The clinical clerkships at Catholic Kwandong University College of Medicine were conducted along the lines of a rotation block clerkship of a large tertiary general hospital, similar to any other medical school in South Korea. A decision was taken to implement the LIC curriculum with the goal of providing continual and responsible patient experiences, which were the basic attributes of medical care, to students, while overcoming the limitations of such an educational environment: for example, fragmented and subdivided medical treatment patterns, restricted continual experience of core diseases or patients of minor severity level, and negative influence on adopting a patient-oriented treatment attitude [1]. Targeting all third-year medical school students, our university conducted LIC of the amalgative clerkship type while maintaining the conventional rotation block clerkship.
Do you empathize with the education philosophy and goal of LIC? Just as social agreement is required when a certain policy is enforced, agreement between teaching faculties is required on the basis of empathy when a new curriculum is implemented. The resistance of internal members was strong during the introduction of LIC. Although they agreed with the goal of LIC, they thought that more preparation and time were needed before starting a completely new form of educational program as regular curriculum instead of elective clerkship. At that time, someone said, “Let’s say there are two types of pictures here, a blueprint and a landscape painting. On the blueprint, the first line must be drawn carefully; otherwise the blueprint will not be accurate. However, when you paint a landscape, you don’t have to be so careful when drawing the first line. Once you have drawn the first line, you will finish the painting gradually as you paint continually. There is no way of knowing where the first line is in the finished landscape painting, and you don’t have to know. Education is closer to the latter. If we agree on the goal of LIC, let’s draw a line first.”
We thought over why LIC were needed in our education curriculum. Based on our conclusions, we developed an education philosophy and created our university’s own educational program to implement that philosophy.
First, a “longitudinal” program was developed. “Continuity” has been implemented, which is the core concept of LIC—continuity of student-patient meeting, of student-supervising professor relationship, of the given educational environment, and of mutual teaching between student colleagues [2].
For the continuity of student-patient meeting, the clinical department assigned a patient panel to each student to let him/her experience the patients longitudinally, and the student performed longitudinal observation on his/her own.

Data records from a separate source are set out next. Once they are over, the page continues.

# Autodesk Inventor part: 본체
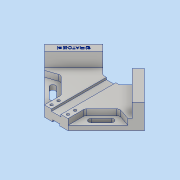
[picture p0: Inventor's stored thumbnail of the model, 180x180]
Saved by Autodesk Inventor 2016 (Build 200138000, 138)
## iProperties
Created: 2019-04
Part Number: 본체
Material: 알루미늄 6061
Document SubType Name: Modeling
Designer: 3sil_cad018
Density: 2.7 g/cm^3
Appearance: 알루미늄 - 평지
Mass: 601.509 g
Surface Area: 426.536 cm^2
Volume: 222.781 cm^3
Author: 3sil_cad018
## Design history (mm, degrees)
sketch "스케치1"
  geometry: L1 (0, -84.853)-(-84.853, 0); L2 (-84.853, 0)-(0, 84.853); L3 (0, 84.853)-(84.853, 0); L4 (84.853, 0)-(0, -84.853); L5 (84.853, 0)-(-84.853, 0); 2 further points
  constraints: 10 end point, 1 coincident, 1 horizontal, 9 other
  dimensions: "d1" = 120 distance of L1.start L1.end
extrude "돌출1" new body sketch "스케치1" distance "d2" = 18; taper "d3" = 0 deg
sketch "스케치2"
  geometry: L1 (0, 18)-(-84.853, 18) reference; L2 (-8, 18)-(-8, 14.5); L3 (-8, 14.5)-(8, 14.5); L4 (8, 14.5)-(8, 18); L5 (84.853, 18)-(0, 18) reference; L6 (0, 0)-(84.853, 0) reference; L7 (8, 0)-(8, 3); L8 (8, 3)-(-8, 3); L9 (-8, 3)-(-8, 0); L10 (8, 0)-(-8, 0); L11 (-84.853, 0)-(0, 0) reference; 1 further point
  constraints: 14 end point, 7 point on line, 4 perpendicular, 1 collinear, 1 midpoint, 1 vertical, 1 vertical alignment
  dimensions: "d4" = 16 distance between parallel lines of L4 L2; "d5" = 3 distance of L7.start L7.end; "d6" = 3.5 distance of L3.end L4.end
extrude "돌출2" cut sketch "스케치2" stored distance "d7" = 1000; taper "d8" = 0 deg
sketch "스케치3"
  geometry: L1 (-84.853, 0)-(-8, -76.853) reference; L2 (-74.246, -10.607)-(10.607, 74.246); L3 (84.853, 0)-(8, 76.853) reference; L4 (8, -76.853)-(84.853, 0) reference; L5 (74.246, -10.607)-(-10.607, 74.246); L6 (-8, 76.853)-(-84.853, 0) reference; L7 (-74.246, -10.607)-(-84.853, 0); L8 (-10.607, 74.246)-(0, 63.64); L9 (10.607, 74.246)-(84.853, 0); L10 (74.246, -10.607)-(84.853, 0); 1 further point
  constraints: 12 end point, 7 point on line, 2 collinear, 1 perpendicular
  dimensions: "d9" = 15 distance between parallel lines of L3 L5; "d10" = 15 distance between parallel lines of L6 L2
extrude "돌출3" join sketch "스케치3" distance "d11" = 24; taper "d12" = 0 deg
sketch "스케치4"
  geometry: L1 (-84.853, 0)-(-8, 76.853) reference; L2 (-35.355, 49.497)-(-14.005, 28.147); L3 (14.005, 28.147)-(35.355, 49.497); L4 (8, 76.853)-(84.853, 0) reference; L5 (-35.355, 49.497)-(0, 84.853); L6 (0, 84.853)-(35.355, 49.497); L7 (-14.005, 28.147)-(14.005, 28.147); L8 (-20, -64.853)-(20, -64.853); L9 (-8, -76.853)-(0, -84.853) reference; L10 (-20, -64.853)-(0, -84.853); L11 (8, -76.853)-(0, -84.853) reference; L12 (0, -84.853)-(20, -64.853); L13 (84.853, 0)-(8, -76.853) reference; 1 further point
  constraints: 16 end point, 2 collinear, 2 horizontal, 2 perpendicular, 2 point on line
  dimensions: "d13" = 50 distance between parallel lines of L2 L6; "d14" = 50 distance between parallel lines of L3 L5; "d15" = 20 distance from line of L9.end L8; "d16" = 93 distance between parallel lines of L8 L7
extrude "돌출4" cut sketch "스케치4" distance "d17" = 100; taper "d18" = 0 deg
node "작업 평면1"
sketch "스케치7"
  geometry: L1 (-35.355, 49.497)-(-84.853, 0) reference; L2 (-49.497, -7.071)-(-20, -36.569); L3 (-74.246, -10.607)-(-20, -64.853) reference; L4 (-20, -64.853)-(-84.853, 0) reference; L5 (-49.497, -7.071)-(-70.711, -14.142); L6 (-70.711, -14.142)-(-42.426, -42.426); L7 (-20, -64.853)-(-8, -64.853) reference; L8 (-20, -64.853)-(-70.711, -14.142); L9 (-20, -64.853)-(-20, -36.569); 1 further point
  constraints: 10 end point, 2 point on line, 1 collinear, 1 perpendicular, 1 vertical
  dimensions: "d31" = 40 distance of L5.end L6.end; "d35" = 63.4349 deg angle of L3 L5; "d38" = 20 distance between parallel lines of L2 L3; "d84" = 20 distance from line of L1 L5.end
extrude "돌출5" cut sketch "스케치7" distance "d39" = 10; taper "d40" = 0 deg
sketch "스케치9"
  geometry: L1 (-20, -64.853)-(-70.711, -14.142) reference; L2 (-35.355, 49.497)-(-84.853, 0) reference; L3 (-49.497, -21.213)-(-32.527, -38.184); L4 (-46.315, -18.031)-(-29.345, -35.002); L5 (-35.709, -41.366)-(-52.679, -24.395); A1 r 4.5 centre (-49.497, -21.213) between (-46.315, -18.031) and (-52.679, -24.395); A2 r 4.5 centre (-32.527, -38.184) between (-35.709, -41.366) and (-29.345, -35.002); 1 further point
  constraints: 6 end point, 4 point on circle, 3 tangent, 2 centre point, 2 coincident
  dimensions: "d46" = 40 distance from line of L2 L3.start; "d48" = 24 distance of L3.start L3.end; "d49" = 9 diameter of A1; "d50" = 9 diameter of A2; "d51" = 10 distance between parallel lines of L1 L3; "d52" = 24 distance of L4.start L4.end
extrude "돌출6" cut sketch "스케치9" distance "d53" = 18; taper "d54" = 0 deg
sketch "스케치10"
  geometry: 1 further point
sketch "스케치11"
  geometry: L1 (-8, -64.853)-(-20, -64.853) reference; L2 (-8, -64.853)-(8, -64.853) reference; 5 further points
  constraints: 4 other
hole "구멍1" sketch "스케치11" at (-14, -46.853), (-14, -58.853), (14, -58.853), (14, -46.853) diameter "d58" = 4.5; stored, may be unused: countersink angle "d62" = 90 deg, drill point angle "d64" = 118 deg; dims "d59" = 6, "d60" = 4, "d61" = 2, "d63" = 8
sketch "스케치12"
  geometry: C1 r 2.25 at (-14, 58.853) reference; C2 r 2.25 at (-14, 46.853) reference; C3 r 2.25 at (14, 46.853) reference; C4 r 2.25 at (14, 58.853) reference; 5 further points
  constraints: 4 coincident
hole "구멍2" sketch "스케치12" at (-14, 58.853), (-14, 46.853), (14, 46.853), (14, 58.853) diameter "d65" = 8; stored, may be unused: countersink angle "d69" = 90 deg, drill point angle "d71" = 0 deg; dims "d66" = 6, "d67" = 4, "d68" = 2, "d70" = 10
fillet "모깎기1" dims "d72" = 5
fillet "모깎기2" dims "d73" = 5
node "작업 평면2"
sketch "스케치13"
  geometry: L1 (-84.853, 0)-(-35.355, 49.497) reference; L2 (-24.749, 38.891)-(-35.355, 49.497) reference; 2 further points
  constraints: 1 other
  dimensions: "d75" = 7.5 distance from line of L1 point (-54.801, 19.445); "d76" = 35 distance from line of point (-54.801, 19.445) L2
feature "엠보싱1" sketch "스케치13" dims "d8" = 0, "d77" = 0.5, "d78" = 0
sketch "스케치15"
  geometry: L1 (0, -11.5)-(16, -11.5) reference; L2 (0, -11.5)-(2, -11.5); L3 (2, -11.5)-(2, -14.5); L4 (2, -14.5)-(0, -14.5); L5 (0, -14.5)-(0, -11.5); L6 (16, -11.5)-(16, -14.5) reference; L7 (16, -11.5)-(14, -11.5); L8 (14, -11.5)-(14, -14.5); L9 (14, -14.5)-(16, -14.5); L10 (16, -14.5)-(16, -11.5); 2 further points
  constraints: 16 end point, 4 parallel, 2 coincident, 2 horizontal, 2 perpendicular, 1 point on line
  dimensions: "d79" = 12 distance between parallel lines of L8 L3; "d80" = 3 distance of L7.end L8.end; "d81" = 2 distance between parallel lines of L8 L6
extrude "돌출7" join sketch "스케치15" distance "d82" = 93; taper "d83" = 0 deg
node "솔리드1"
mirror "대칭1"
mirror "대칭2"
other parameters: "d25" = 0

Furthermore, volunteers who narrated their illness experience to the medical school students were accepted among the patients coming from a retirement village close to the university hospital, and they participated in another group of patient panel.
The continuity of student-supervising professor relationship and of the given educational environment are concepts of clerkship, and to implement the continuity of mutual teaching between student colleagues, student-oriented seminars were held. As such, efforts were made to implement patient-oriented integrated medical care in accordance with the current situation of our university while maintaining the continuity.
Second, seven student-oriented seminars were held to educate about “integrated” patient medical care. For the seminar contents, integrated educational programs (team approach, medical ethics, caring/palliative care, clinical decision-making, and so forth) developed by the Medical Education Center, Seoul National University College of Medicine, were shared through the LIC consortium [3]. Before proceeding with the main seminar, it was determined that humanities curriculums were required to develop the need to learn the method of integrated patient treatment in the minds of students. The medical humanities seminar was held 4 times, so that students could develop their own thoughts on doctor-patient relationship while discussing “bedside manners” by Abraham Verghese and “narrative medicine” by Rita Charon. Yearning for a doctor engaging in clinical reasoning was seeded, and they thought about why physical examination was important even in the current medical environment of cutting-edge devices. The students agreed with the following: physical examination is important for making a decision regarding which examination device to be used and has a power that changes the perception of person-person relationship to that of doctor-patient relationship: that is, relationship between a patient suffering from a disease and a doctor trying to help that person. Furthermore, an opportunity was given to think that the ability to recognize, understand, sympathize, and absorb an illness experience felt by a patient rather than by a doctor was an emotional competency that doctors of the artificial intelligence age needed to have.
Third, an effort was made to create an educational environment to implement the traditional concept of clinical clerkship. The meaning of clerkship is well captured in a saying by Benjamin Franklin: “Tell me and I forget, teach me and I may remember, involve me and I learn.” During the 20 weeks of LIC, the students participated as members of a medical team in outpatient care and did rounds in the clinical department, where they were assigned on a Monday afternoon every other week.
Although we did not have a perfect plan, we drew the first line. One semester has passed, and the first LIC session of 20 weeks has finished. There were many trials and errors. Because it is too early to conduct a systematic evaluation, only feedback was taken from the students through a survey. Feedback from one student shows a picture in advance, which we are going to paint continually and finish.
“Thanks to the LIC, I had a chance to think deeply about the quality of life of chronic patients. I was given the chance to think over the relationships of person and person, doctor and patient, and disease and person. It was an opportunity for me to open my eyes, at least a little, to the life I am going to live as a doctor and the attitude I am going to adopt.”

Acknowledgments

The author would like to express gratitude to the LIC consortium of Korea Association of Medical Colleges for providing consultation on the implementation process of Catholic Kwandong University LIC program.

Notes

Funding
None.
Conflicts of interest
No potential conflict of interest relevant to this article was reported.
Author contributions
All work was done by Ki Jun Han.

References

1. Lee YM. The concept and background for introducing longitudinal integrated clerkships. Korean Med Educ Rev 2018; 20(1):1-5.

2. Yeo S. Development and operation of longitudinal integrated clerkship programs in overseas medical schools. Korean Med Educ Rev 2018; 20(1):6-14.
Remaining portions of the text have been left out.